SON UNOS NIÑOS
AL día siguiente, Laura, antes de hacer una visita, se presentó a la hora del almuerzo elegantísima, con un traje y un sombrero hechos en París, con los cuales estaba verdaderamente preciosa.
Tuvo un gran éxito: las de San Martino, la Brenda, las demás señoras la felicitaron. Sobre todo, el sombrero les parecía ideal.
Carminatti quedó extasiado.
—E bello, bellissimo —dijo con un gran entusiasmo, y todas las señoras aseguraban que era bellissimo, arrastrando la ese e inclinando la cabeza con un ademán de admiración.
—¿Y tú, no me dices nada, bambino? —preguntó Laura a César.
—Que estás muy bien.
—¿Y nada más?
—Si quieres que te eche un piropo, te diré que estás bonita hasta legitimar el incesto.
—¡Qué bárbaro! —murmuró Laura medio riendo, medio ruborizándose.
—¿Qué le ha dicho a usted? —preguntaron dos o tres.
Laura tradujo la frase al italiano, y Carminatti la encontró admirable.
—¡Exactísimo! ¡Graciosísimo! —exclamó riendo, y dio una palmada amistosa en el hombro de César.
La marquesa Sciacca contempló varias veces a Laura con miradas de estudio y una sonrisa de rencor.

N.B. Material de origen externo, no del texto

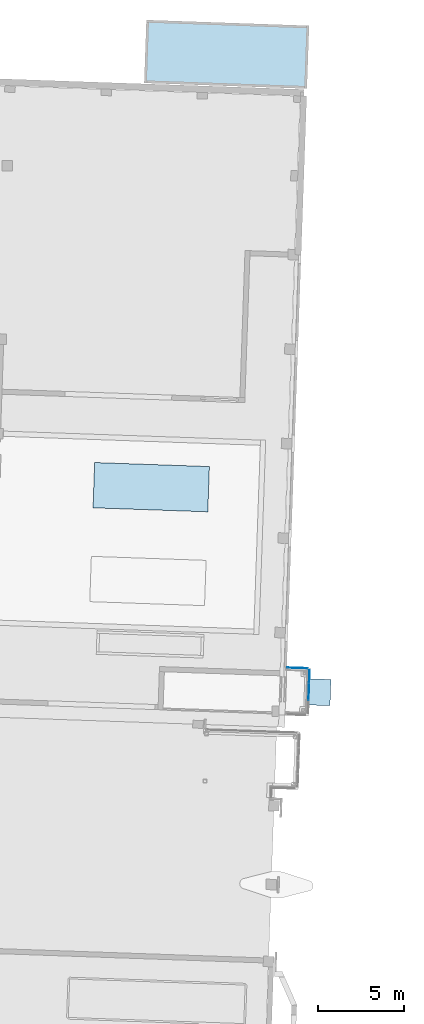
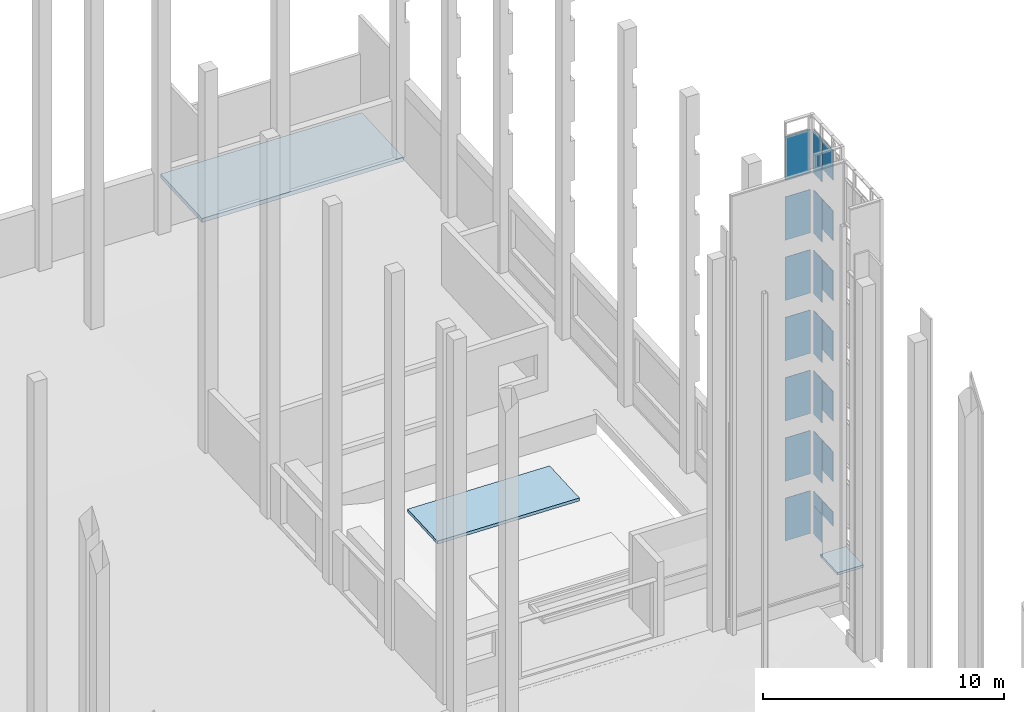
# One storey, part 24 of 44: 22 plates, 3 slabs, 2 elements without a shape of their own.
"""IFC2X3 building model written with IfcOpenShell, lengths in feet."""

from ifc_helpers import new_model, entity, si_unit, converted_unit, derived_unit, direction, frame, frame_2d, origin, origin_2d_with_axis, place, context, subcontext, project, spatial, polyline, rectangle, outline, extrude, source, transform, mapped, material, layer, layer_set, layer_usage, type_object, type_shapes, element, aggregate, save


model = new_model("IFC2X3")

# Units and contexts
model_context = context("Model", 3, precision=0.0001, world=origin(), true_north=direction((0.999390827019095, 0.0348994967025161)))
body_context = subcontext(model_context, "Body", "Model", "MODEL_VIEW")
ifc_project = project(units=[converted_unit("LENGTHUNIT", "FOOT", entity("IfcRatioMeasure", 0.3048), si_unit("LENGTHUNIT", "METRE"), dimensions=[1, 0, 0, 0, 0, 0, 0]), converted_unit("AREAUNIT", "SQUARE FOOT", entity("IfcRatioMeasure", 0.09290304), si_unit("AREAUNIT", "SQUARE_METRE"), dimensions=[2, 0, 0, 0, 0, 0, 0]), converted_unit("VOLUMEUNIT", "CUBIC FOOT", entity("IfcRatioMeasure", 0.028316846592), si_unit("VOLUMEUNIT", "CUBIC_METRE"), dimensions=[3, 0, 0, 0, 0, 0, 0]), converted_unit("PLANEANGLEUNIT", "DEGREE", entity("IfcRatioMeasure", 0.0174532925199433), si_unit("PLANEANGLEUNIT", "RADIAN"), dimensions=[0, 0, 0, 0, 0, 0, 0]), si_unit("MASSUNIT", "GRAM", prefix="KILO"), si_unit("TIMEUNIT", "SECOND"), si_unit("FREQUENCYUNIT", "HERTZ"), si_unit("THERMODYNAMICTEMPERATUREUNIT", "DEGREE_CELSIUS"), derived_unit("THERMALTRANSMITTANCEUNIT", [(si_unit("MASSUNIT", "GRAM", prefix="KILO"), 1), (si_unit("THERMODYNAMICTEMPERATUREUNIT", "KELVIN"), -1), (si_unit("TIMEUNIT", "SECOND"), -3)]), derived_unit("VOLUMETRICFLOWRATEUNIT", [(si_unit("LENGTHUNIT", "METRE"), 3), (si_unit("TIMEUNIT", "SECOND"), -1)]), si_unit("ELECTRICCURRENTUNIT", "AMPERE"), si_unit("ELECTRICVOLTAGEUNIT", "VOLT"), si_unit("POWERUNIT", "WATT"), si_unit("FORCEUNIT", "NEWTON"), si_unit("ILLUMINANCEUNIT", "LUX"), si_unit("LUMINOUSFLUXUNIT", "LUMEN"), si_unit("LUMINOUSINTENSITYUNIT", "CANDELA"), derived_unit("USERDEFINED", [(si_unit("MASSUNIT", "GRAM", prefix="KILO"), -1), (si_unit("LENGTHUNIT", "METRE"), -2), (si_unit("TIMEUNIT", "SECOND"), 3), (si_unit("LUMINOUSFLUXUNIT", "LUMEN"), 1)]), derived_unit("LINEARVELOCITYUNIT", [(si_unit("LENGTHUNIT", "METRE"), 1), (si_unit("TIMEUNIT", "SECOND"), -1)]), si_unit("PRESSUREUNIT", "PASCAL"), derived_unit("USERDEFINED", [(si_unit("LENGTHUNIT", "METRE"), -2), (si_unit("MASSUNIT", "GRAM", prefix="KILO"), 1), (si_unit("TIMEUNIT", "SECOND"), -2)])], contexts=[model_context])

# Site, building, storey
site_placement = place(None, frame((892.518771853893, 322.38689265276, 0.00393700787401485), z_axis=(0.0, 0.0, 1.0), x_axis=(0.0348994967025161, 0.999390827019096, 0.0)))
site = spatial("IfcSite", under=ifc_project, at=site_placement, Name="Default", CompositionType="ELEMENT")
building_placement = place(site_placement, origin())
building = spatial("IfcBuilding", under=site, at=building_placement, CompositionType="ELEMENT")
storey_placement = place(building_placement, frame((0.0, 0.0, 544.75)))
storey = spatial("IfcBuildingStorey", under=building, at=storey_placement, Name="Exist Garage - Ground Level", CompositionType="ELEMENT", Elevation=544.75)

# Curtain wall, plates
curtain_wall_type = type_object("IfcCurtainWallType", Name="Curtain Wall:(Existing) Curtainwall - Blank", PredefinedType="NOTDEFINED")
curtain_wall_1_placement = place(storey_placement, frame((0.0, 0.0, -544.75)))
curtain_wall_1 = element("IfcCurtainWall", 1, at=curtain_wall_1_placement, inside=storey, type_object=curtain_wall_type, Name="Curtain Wall:(Existing) Curtainwall - Blank", ObjectType="Curtain Wall:(Existing) Curtainwall - Blank")
ifc_material_1 = material(Name="Glazing - Core & Shell Curtain Wall")
plate_type_1 = type_object("IfcPlateType", Name="1\" Insulated Clear Glass", PredefinedType="CURTAIN_PANEL", material=ifc_material_1)
shared_shape_1 = source(origin(), body_context, "Body", "SweptSolid", [
    extrude(rectangle(XDim=0.0833333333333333, YDim=3.86979166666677, at=origin_2d_with_axis()), frame((0.0, 0.0, 0.0), z_axis=(0.0, 0.0, 1.0), x_axis=(0.0, 1.0, 0.0)), (0.0, 0.0, 1.0), 7.09375),
])
type_shapes(plate_type_1, [shared_shape_1])
plate_1_placement = place(curtain_wall_1_placement, frame((114.302296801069, 233.198849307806, 547.130208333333), z_axis=(0.0, 0.0, 1.0), x_axis=(0.0, 1.0, 0.0)))
plate_1 = element("IfcPlate", 2, at=plate_1_placement, type_object=plate_type_1, material=ifc_material_1, Name="System Panel:1\" Insulated Clear Glass", ObjectType="1\" Insulated Clear Glass", context=body_context, shape_type="MappedRepresentation", body=[
    mapped(shared_shape_1, transform((0.0, 0.0, 0.0), scale=1.0)),
])
plate_type_2 = type_object("IfcPlateType", Name="1\" Insulated Clear Glass", PredefinedType="CURTAIN_PANEL", material=ifc_material_1)
shared_shape_2 = source(origin(), body_context, "Body", "SweptSolid", [
    extrude(rectangle(XDim=0.0833333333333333, YDim=3.86979166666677, at=origin_2d_with_axis()), frame((0.0, 0.0, 0.0), z_axis=(0.0, 0.0, 1.0), x_axis=(0.0, 1.0, 0.0)), (0.0, 0.0, 1.0), 7.19791666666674),
])
type_shapes(plate_type_2, [shared_shape_2])
plate_2_placement = place(curtain_wall_1_placement, frame((114.302296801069, 233.198849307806, 557.026041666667), z_axis=(0.0, 0.0, 1.0), x_axis=(0.0, 1.0, 0.0)))
plate_2 = element("IfcPlate", 3, at=plate_2_placement, type_object=plate_type_2, material=ifc_material_1, Name="System Panel:1\" Insulated Clear Glass", ObjectType="1\" Insulated Clear Glass", context=body_context, shape_type="MappedRepresentation", body=[
    mapped(shared_shape_2, transform((0.0, 0.0, 0.0), scale=1.0)),
])
plate_3_placement = place(curtain_wall_1_placement, frame((114.302296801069, 233.198849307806, 567.026041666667), z_axis=(0.0, 0.0, 1.0), x_axis=(0.0, 1.0, 0.0)))
plate_3 = element("IfcPlate", 4, at=plate_3_placement, type_object=plate_type_2, material=ifc_material_1, Name="System Panel:1\" Insulated Clear Glass", ObjectType="1\" Insulated Clear Glass", context=body_context, shape_type="MappedRepresentation", body=[
    mapped(shared_shape_2, transform((0.0, 0.0, 0.0), scale=1.0)),
])
plate_4_placement = place(curtain_wall_1_placement, frame((114.302296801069, 233.198849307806, 577.026041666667), z_axis=(0.0, 0.0, 1.0), x_axis=(0.0, 1.0, 0.0)))
plate_4 = element("IfcPlate", 5, at=plate_4_placement, type_object=plate_type_2, material=ifc_material_1, Name="System Panel:1\" Insulated Clear Glass", ObjectType="1\" Insulated Clear Glass", context=body_context, shape_type="MappedRepresentation", body=[
    mapped(shared_shape_2, transform((0.0, 0.0, 0.0), scale=1.0)),
])
plate_5_placement = place(curtain_wall_1_placement, frame((114.302296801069, 233.198849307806, 587.026041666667), z_axis=(0.0, 0.0, 1.0), x_axis=(0.0, 1.0, 0.0)))
plate_5 = element("IfcPlate", 6, at=plate_5_placement, type_object=plate_type_2, material=ifc_material_1, Name="System Panel:1\" Insulated Clear Glass", ObjectType="1\" Insulated Clear Glass", context=body_context, shape_type="MappedRepresentation", body=[
    mapped(shared_shape_2, transform((0.0, 0.0, 0.0), scale=1.0)),
])
plate_6_placement = place(curtain_wall_1_placement, frame((114.302296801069, 233.198849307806, 597.026041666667), z_axis=(0.0, 0.0, 1.0), x_axis=(0.0, 1.0, 0.0)))
plate_6 = element("IfcPlate", 7, at=plate_6_placement, type_object=plate_type_2, material=ifc_material_1, Name="System Panel:1\" Insulated Clear Glass", ObjectType="1\" Insulated Clear Glass", context=body_context, shape_type="MappedRepresentation", body=[
    mapped(shared_shape_2, transform((0.0, 0.0, 0.0), scale=1.0)),
])
plate_7_placement = place(curtain_wall_1_placement, frame((114.302296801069, 233.198849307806, 607.026041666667), z_axis=(0.0, 0.0, 1.0), x_axis=(0.0, 1.0, 0.0)))
plate_7 = element("IfcPlate", 8, at=plate_7_placement, type_object=plate_type_2, material=ifc_material_1, Name="System Panel:1\" Insulated Clear Glass", ObjectType="1\" Insulated Clear Glass", context=body_context, shape_type="MappedRepresentation", body=[
    mapped(shared_shape_2, transform((0.0, 0.0, 0.0), scale=1.0)),
])
aggregate(curtain_wall_1, [plate_1, plate_2, plate_3, plate_4, plate_5, plate_6, plate_7])

curtain_wall_2_placement = place(storey_placement, frame((0.0, 0.0, -544.75)))
curtain_wall_2 = element("IfcCurtainWall", 9, at=curtain_wall_2_placement, inside=storey, type_object=curtain_wall_type, Name="Curtain Wall:(Existing) Curtainwall - Blank", ObjectType="Curtain Wall:(Existing) Curtainwall - Blank")
plate_type_3 = type_object("IfcPlateType", Name="1\" Insulated Clear Glass", PredefinedType="CURTAIN_PANEL", material=ifc_material_1)
shared_shape_3 = source(origin(), body_context, "Body", "SweptSolid", [
    extrude(outline(polyline([(-3.15277777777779, -0.84375062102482), (3.92534722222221, -0.84375062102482), (3.92534722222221, 1.60937624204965), (-0.772569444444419, 1.60937624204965), (-0.772569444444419, -0.765625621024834), (-3.15277777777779, -0.765625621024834), (-3.15277777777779, -0.84375062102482)])), frame((-0.38281281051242, -0.0416666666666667, 3.15277777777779), z_axis=(0.0, 1.0, 0.0), x_axis=(0.0, 0.0, 1.0)), (0.0, 0.0, 1.0), 0.0833333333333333),
])
type_shapes(plate_type_3, [shared_shape_3])
plate_8_placement = place(curtain_wall_2_placement, frame((112.700733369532, 230.888953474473, 544.75)))
plate_8 = element("IfcPlate", 10, at=plate_8_placement, type_object=plate_type_3, material=ifc_material_1, Name="System Panel:1\" Insulated Clear Glass", ObjectType="1\" Insulated Clear Glass", context=body_context, shape_type="MappedRepresentation", body=[
    mapped(shared_shape_3, transform((0.0, 0.0, 0.0), scale=1.0)),
])
plate_type_4 = type_object("IfcPlateType", Name="1\" Insulated Clear Glass", PredefinedType="CURTAIN_PANEL", material=ifc_material_1)
shared_shape_4 = source(origin(), body_context, "Body", "SweptSolid", [
    extrude(rectangle(XDim=0.0833333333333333, YDim=2.45312686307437, at=origin_2d_with_axis()), frame((0.0, 0.0, 0.0), z_axis=(0.0, 0.0, 1.0), x_axis=(0.0, 1.0, 0.0)), (0.0, 0.0, 1.0), 2.34375000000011),
])
type_shapes(plate_type_4, [shared_shape_4])
plate_9_placement = place(curtain_wall_2_placement, frame((112.700733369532, 230.888953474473, 551.880208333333)))
plate_9 = element("IfcPlate", 11, at=plate_9_placement, type_object=plate_type_4, material=ifc_material_1, Name="System Panel:1\" Insulated Clear Glass", ObjectType="1\" Insulated Clear Glass", context=body_context, shape_type="MappedRepresentation", body=[
    mapped(shared_shape_4, transform((0.0, 0.0, 0.0), scale=1.0)),
])
plate_type_5 = type_object("IfcPlateType", Name="1\" Insulated Clear Glass", PredefinedType="CURTAIN_PANEL", material=ifc_material_1)
shared_shape_5 = source(origin(), body_context, "Body", "SweptSolid", [
    extrude(rectangle(XDim=0.0833333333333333, YDim=3.15625000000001, at=origin_2d_with_axis()), frame((0.0, 0.0, 0.0), z_axis=(0.0, 0.0, 1.0), x_axis=(0.0, 1.0, 0.0)), (0.0, 0.0, 1.0), 2.34375000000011),
])
type_shapes(plate_type_5, [shared_shape_5])
plate_10_placement = place(curtain_wall_2_placement, frame((109.843961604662, 230.888953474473, 551.880208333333)))
plate_10 = element("IfcPlate", 12, at=plate_10_placement, type_object=plate_type_5, material=ifc_material_1, Name="System Panel:1\" Insulated Clear Glass", ObjectType="1\" Insulated Clear Glass", context=body_context, shape_type="MappedRepresentation", body=[
    mapped(shared_shape_5, transform((0.0, 0.0, 0.0), scale=1.0)),
])
plate_type_6 = type_object("IfcPlateType", Name="1\" Insulated Clear Glass", PredefinedType="CURTAIN_PANEL", material=ifc_material_1)
shared_shape_6 = source(origin(), body_context, "Body", "SweptSolid", [
    extrude(rectangle(XDim=7.19791666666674, YDim=2.45312686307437, at=frame_2d((0.458333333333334, 0.0), x_axis=(1.0, 0.0))), frame((0.0, -0.0416666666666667, 3.14062500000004), z_axis=(0.0, 1.0, 0.0), x_axis=(0.0, 0.0, 1.0)), (0.0, 0.0, 1.0), 0.0833333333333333),
])
type_shapes(plate_type_6, [shared_shape_6])
plate_11_placement = place(curtain_wall_2_placement, frame((112.700733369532, 230.888953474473, 557.026041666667)))
plate_11 = element("IfcPlate", 13, at=plate_11_placement, type_object=plate_type_6, material=ifc_material_1, Name="System Panel:1\" Insulated Clear Glass", ObjectType="1\" Insulated Clear Glass", context=body_context, shape_type="MappedRepresentation", body=[
    mapped(shared_shape_6, transform((0.0, 0.0, 0.0), scale=1.0)),
])
plate_12_placement = place(curtain_wall_2_placement, frame((112.700733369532, 230.888953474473, 567.026041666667)))
plate_12 = element("IfcPlate", 14, at=plate_12_placement, type_object=plate_type_6, material=ifc_material_1, Name="System Panel:1\" Insulated Clear Glass", ObjectType="1\" Insulated Clear Glass", context=body_context, shape_type="MappedRepresentation", body=[
    mapped(shared_shape_6, transform((0.0, 0.0, 0.0), scale=1.0)),
])
plate_13_placement = place(curtain_wall_2_placement, frame((112.700733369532, 230.888953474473, 577.026041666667)))
plate_13 = element("IfcPlate", 15, at=plate_13_placement, type_object=plate_type_6, material=ifc_material_1, Name="System Panel:1\" Insulated Clear Glass", ObjectType="1\" Insulated Clear Glass", context=body_context, shape_type="MappedRepresentation", body=[
    mapped(shared_shape_6, transform((0.0, 0.0, 0.0), scale=1.0)),
])
plate_14_placement = place(curtain_wall_2_placement, frame((112.700733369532, 230.888953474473, 587.026041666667)))
plate_14 = element("IfcPlate", 16, at=plate_14_placement, type_object=plate_type_6, material=ifc_material_1, Name="System Panel:1\" Insulated Clear Glass", ObjectType="1\" Insulated Clear Glass", context=body_context, shape_type="MappedRepresentation", body=[
    mapped(shared_shape_6, transform((0.0, 0.0, 0.0), scale=1.0)),
])
plate_15_placement = place(curtain_wall_2_placement, frame((112.700733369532, 230.888953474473, 597.026041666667)))
plate_15 = element("IfcPlate", 17, at=plate_15_placement, type_object=plate_type_6, material=ifc_material_1, Name="System Panel:1\" Insulated Clear Glass", ObjectType="1\" Insulated Clear Glass", context=body_context, shape_type="MappedRepresentation", body=[
    mapped(shared_shape_6, transform((0.0, 0.0, 0.0), scale=1.0)),
])
plate_16_placement = place(curtain_wall_2_placement, frame((112.700733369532, 230.888953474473, 607.026041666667)))
plate_16 = element("IfcPlate", 18, at=plate_16_placement, type_object=plate_type_6, material=ifc_material_1, Name="System Panel:1\" Insulated Clear Glass", ObjectType="1\" Insulated Clear Glass", context=body_context, shape_type="MappedRepresentation", body=[
    mapped(shared_shape_6, transform((0.0, 0.0, 0.0), scale=1.0)),
])
plate_type_7 = type_object("IfcPlateType", Name="1\" Insulated Clear Glass", PredefinedType="CURTAIN_PANEL", material=ifc_material_1)
shared_shape_7 = source(origin(), body_context, "Body", "SweptSolid", [
    extrude(rectangle(XDim=0.0833333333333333, YDim=3.15625000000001, at=origin_2d_with_axis()), frame((0.0, 0.0, 0.0), z_axis=(0.0, 0.0, 1.0), x_axis=(0.0, 1.0, 0.0)), (0.0, 0.0, 1.0), 4.94791666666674),
])
type_shapes(plate_type_7, [shared_shape_7])
plate_17_placement = place(curtain_wall_2_placement, frame((109.843961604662, 230.888953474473, 559.276041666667)))
plate_17 = element("IfcPlate", 19, at=plate_17_placement, type_object=plate_type_7, material=ifc_material_1, Name="System Panel:1\" Insulated Clear Glass", ObjectType="1\" Insulated Clear Glass", context=body_context, shape_type="MappedRepresentation", body=[
    mapped(shared_shape_7, transform((0.0, 0.0, 0.0), scale=1.0)),
])
plate_18_placement = place(curtain_wall_2_placement, frame((109.843961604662, 230.888953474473, 569.276041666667)))
plate_18 = element("IfcPlate", 20, at=plate_18_placement, type_object=plate_type_7, material=ifc_material_1, Name="System Panel:1\" Insulated Clear Glass", ObjectType="1\" Insulated Clear Glass", context=body_context, shape_type="MappedRepresentation", body=[
    mapped(shared_shape_7, transform((0.0, 0.0, 0.0), scale=1.0)),
])
plate_19_placement = place(curtain_wall_2_placement, frame((109.843961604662, 230.888953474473, 579.276041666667)))
plate_19 = element("IfcPlate", 21, at=plate_19_placement, type_object=plate_type_7, material=ifc_material_1, Name="System Panel:1\" Insulated Clear Glass", ObjectType="1\" Insulated Clear Glass", context=body_context, shape_type="MappedRepresentation", body=[
    mapped(shared_shape_7, transform((0.0, 0.0, 0.0), scale=1.0)),
])
plate_20_placement = place(curtain_wall_2_placement, frame((109.843961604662, 230.888953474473, 589.276041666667)))
plate_20 = element("IfcPlate", 22, at=plate_20_placement, type_object=plate_type_7, material=ifc_material_1, Name="System Panel:1\" Insulated Clear Glass", ObjectType="1\" Insulated Clear Glass", context=body_context, shape_type="MappedRepresentation", body=[
    mapped(shared_shape_7, transform((0.0, 0.0, 0.0), scale=1.0)),
])
plate_21_placement = place(curtain_wall_2_placement, frame((109.843961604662, 230.888953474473, 599.276041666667)))
plate_21 = element("IfcPlate", 23, at=plate_21_placement, type_object=plate_type_7, material=ifc_material_1, Name="System Panel:1\" Insulated Clear Glass", ObjectType="1\" Insulated Clear Glass", context=body_context, shape_type="MappedRepresentation", body=[
    mapped(shared_shape_7, transform((0.0, 0.0, 0.0), scale=1.0)),
])
plate_22_placement = place(curtain_wall_2_placement, frame((109.843961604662, 230.888953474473, 609.276041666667)))
plate_22 = element("IfcPlate", 24, at=plate_22_placement, type_object=plate_type_7, material=ifc_material_1, Name="System Panel:1\" Insulated Clear Glass", ObjectType="1\" Insulated Clear Glass", context=body_context, shape_type="MappedRepresentation", body=[
    mapped(shared_shape_7, transform((0.0, 0.0, 0.0), scale=1.0)),
])
aggregate(curtain_wall_2, [plate_8, plate_10, plate_9, plate_11, plate_17, plate_12, plate_18, plate_13, plate_19, plate_14, plate_20, plate_15, plate_21, plate_16, plate_22])

# Slabs
ifc_material_2 = material(Name="Concrete - Cast-in-Place Concrete")
ifc_layer_1 = layer(ifc_material_2, 0.416666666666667)
ifc_layer_set_1 = layer_set([ifc_layer_1], Name="Floor:Concrete Slab - 5\"")
ifc_layer_usage_1 = layer_usage(ifc_layer_set_1, "AXIS3", "POSITIVE", 0.0)
slab_1_placement = place(storey_placement, origin())
element("IfcSlab", 25, at=slab_1_placement, inside=storey, material=ifc_layer_usage_1, Name="Floor:Concrete Slab - 5\"", ObjectType="Floor:Concrete Slab - 5\"", PredefinedType="FLOOR", context=body_context, shape_type="SweptSolid", body=[
    extrude(rectangle(XDim=3.99999999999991, YDim=5.0, at=frame_2d((-1.4210854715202e-14, 0.0), x_axis=(1.0, 0.0))), frame((109.843963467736, 228.763953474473, -0.0416666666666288), z_axis=(0.0, 0.0, -1.0), x_axis=(0.0, 1.0, 0.0)), (0.0, 0.0, 1.0), 0.416666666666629),
])
ifc_layer_2 = layer(ifc_material_2, 0.666666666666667)
ifc_layer_set_2 = layer_set([ifc_layer_2], Name="Floor:Concrete Slab - 8\"")
ifc_layer_usage_2 = layer_usage(ifc_layer_set_2, "AXIS3", "POSITIVE", 0.0)
slab_2_placement = place(storey_placement, origin())
element("IfcSlab", 26, at=slab_2_placement, inside=storey, material=ifc_layer_usage_2, Name="Floor:Concrete Slab - 8\"", ObjectType="Floor:Concrete Slab - 8\"", PredefinedType="FLOOR", context=body_context, shape_type="SweptSolid", body=[
    extrude(rectangle(XDim=30.9999999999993, YDim=11.9999999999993, at=frame_2d((-1.4210854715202e-14, 0.0), x_axis=(1.0, 0.0))), frame((230.593959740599, 250.763953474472, -2.08333333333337), z_axis=(0.0, 0.0, -1.0), x_axis=(0.0, 1.0, 0.0)), (0.0, 0.0, 1.0), 0.666666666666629),
])
ifc_layer_3 = layer(ifc_material_2, 0.5)
ifc_layer_set_3 = layer_set([ifc_layer_3], Name="Floor:Concrete Slab - 6\"")
ifc_layer_usage_3 = layer_usage(ifc_layer_set_3, "AXIS3", "POSITIVE", 0.0)
slab_3_placement = place(storey_placement, origin())
element("IfcSlab", 27, at=slab_3_placement, inside=storey, material=ifc_layer_usage_3, Name="Floor:Concrete Slab - 6\"", ObjectType="Floor:Concrete Slab - 6\"", PredefinedType="FLOOR", context=body_context, shape_type="SweptSolid", body=[
    extrude(rectangle(XDim=21.8635177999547, YDim=8.62725086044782, at=frame_2d((1.4210854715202e-14, 0.0), x_axis=(1.0, 0.0))), frame((147.733850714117, 262.241294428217, -3.16666666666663), z_axis=(0.0, 0.0, -1.0), x_axis=(0.0, 1.0, 0.0)), (0.0, 0.0, 1.0), 0.5),
])

save(model, "model.ifc")

—La verdad es que estos meridionales son unos niños —pensó burlonamente César—. ¡Qué arraigada tienen la preocupación de lo bello!
El napolitano era uno de los más preocupados por la estética.
César tenía su cuarto frente por frente al del signor Carminatti, y los primeros días creyó que era el de una mujer. Frascos de tocador, pulverizadores, cajas de polvos de arroz; el cuarto parecía una perfumería.
—Es curioso —pensaba César— cómo esta gente de los pueblos ilustres e históricos puede alternar los polvos de arroz y la maffia, el oppopónax y el puñal.
Casi todas las noches, después de comer, había bailoteo en el salón. Se tocaban al piano valses lánguidos de las orquestas de tzíganos. La maltesa y Carminatti solían cantar también canciones románticas de esas cuya letra y cuya música parece siempre la misma, y en las que se oye invariablemente pálpito, fúlgido, el amore y otras palabras sugestivas.
Un domingo por la tarde, que estaba lloviendo, César se quedó en el hotel.
En el salón, Carminatti hacía juegos de manos para entretener a las señoras. Luego se vio al napolitano que perseguía por los pasillos a la marquesa Sciacca y a las dos señoritas de San Martino. Ellas daban chillidos agudos cuando se las agarraba de la cintura. El demonio del napolitano era una especialidad en aquellos juegos de manos.